Brief: Below are the entries; output exactly the lines from the one containing "REFEREE_UT: CONNECTOR.6 REF_U.2" through the final line, inclusive.

(Extracted data entries)
╔══

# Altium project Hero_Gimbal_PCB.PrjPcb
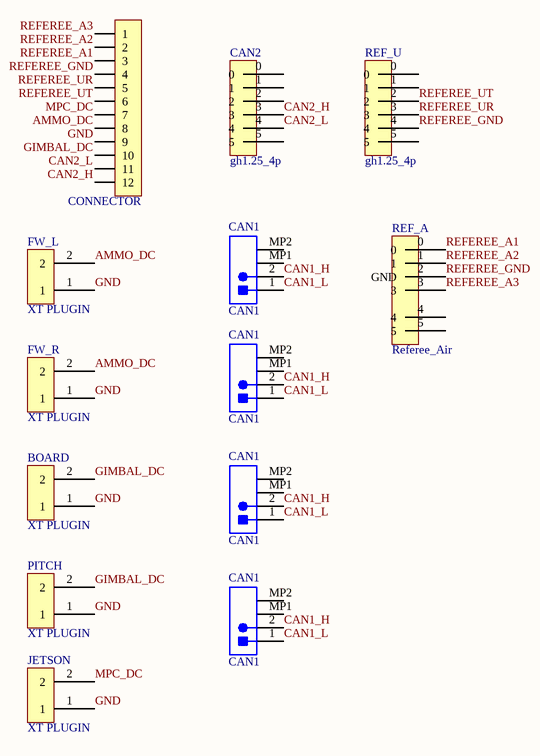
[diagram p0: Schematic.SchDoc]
1 sheet, 13 parts. Net scope: global (net labels, ports and power ports of the same name join across sheets).
Board file: hero gimbal pcb.PcbDoc

## Sheet Schematic.SchDoc
size A4

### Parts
(Parts that share a designator on the sheet are numbered #1, #2 ... from top to bottom, then left to right.)
BOARD  XT PLUGIN  [XT30-M]
CAN1#1  CAN1  [JST-BM02B-GHS-TBT_V]
CAN1#2  CAN1  [JST-BM02B-GHS-TBT_V]
CAN1#3  CAN1  [JST-BM02B-GHS-TBT_V]
CAN1#4  CAN1  [JST-BM02B-GHS-TBT_V]
CAN2  gh1.25_4p  [GH1.25-LS-4P]
CONNECTOR  HDR-1X12  [KF2EDGK5.08-LI-12P]  (value not drawn)
FW_L  XT PLUGIN  [XT30-M]
FW_R  XT PLUGIN  [XT30-M]
JETSON  XT PLUGIN  [XT30-M]
PITCH  XT PLUGIN  [XT30-M]
REF_A  Referee_Air  [M8 Connector]
REF_U  gh1.25_4p  [GH1.25-LS-4P]

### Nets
AMMO_DC: CONNECTOR.8 FW_L.2 FW_R.2
CAN1_H: CAN1#1.2 CAN1#2.2 CAN1#3.2 CAN1#4.2
CAN1_L: CAN1#1.1 CAN1#2.1 CAN1#3.1 CAN1#4.1
CAN2_H: CAN2.3 CONNECTOR.12
CAN2_L: CAN2.4 CONNECTOR.11
GIMBAL_DC: BOARD.2 CONNECTOR.10 PITCH.2
GND: BOARD.1 CONNECTOR.9 FW_L.1 FW_R.1 JETSON.1 PITCH.1
MPC_DC: CONNECTOR.7 JETSON.2
REFEREE_A1: CONNECTOR.3 REF_A.0
REFEREE_A2: CONNECTOR.2 REF_A.1
REFEREE_A3: CONNECTOR.1 REF_A.3
REFEREE_GND: CONNECTOR.4 REF_A.2(GND) REF_U.4
REFEREE_UR: CONNECTOR.5 REF_U.3
REFEREE_UT: CONNECTOR.6 REF_U.2

Not connected (* = marked no-connect by the designer): CAN1#1 MP1 MP2; CAN1#2 MP1 MP2; CAN1#3 MP1 MP2; CAN1#4 MP1 MP2; CAN2 0 1 2 5; REF_A 4 5; REF_U 0 1 5

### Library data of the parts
CAN1#1-CAN1#4 = CMP-2000-05957-1: Disconnectable Crimp Style Connector, Pitch 1.25 mm, 1 x 2 Position, Height 4.05 mm, -25 to 85 degC, RoHS, Tape and Reel; Manufacturer: JST-Sales-America-Inc.; Connector Type: Header,Shrouded; Number of Positions Loaded: All; Pitch: 0.049"(1.25mm); Number of Positions: 2
CONNECTOR = Header 12: 12P接插件; 版权归属: 封装库来自淘宝卖家 ID：黄晶宝石

╚══

The completed task:
REFEREE_UT: CONNECTOR.6 REF_U.2

Not connected (* = marked no-connect by the designer): CAN1#1 MP1 MP2; CAN1#2 MP1 MP2; CAN1#3 MP1 MP2; CAN1#4 MP1 MP2; CAN2 0 1 2 5; REF_A 4 5; REF_U 0 1 5

### Library data of the parts
CAN1#1-CAN1#4 = CMP-2000-05957-1: Disconnectable Crimp Style Connector, Pitch 1.25 mm, 1 x 2 Position, Height 4.05 mm, -25 to 85 degC, RoHS, Tape and Reel; Manufacturer: JST-Sales-America-Inc.; Connector Type: Header,Shrouded; Number of Positions Loaded: All; Pitch: 0.049"(1.25mm); Number of Positions: 2
CONNECTOR = Header 12: 12P接插件; 版权归属: 封装库来自淘宝卖家 ID：黄晶宝石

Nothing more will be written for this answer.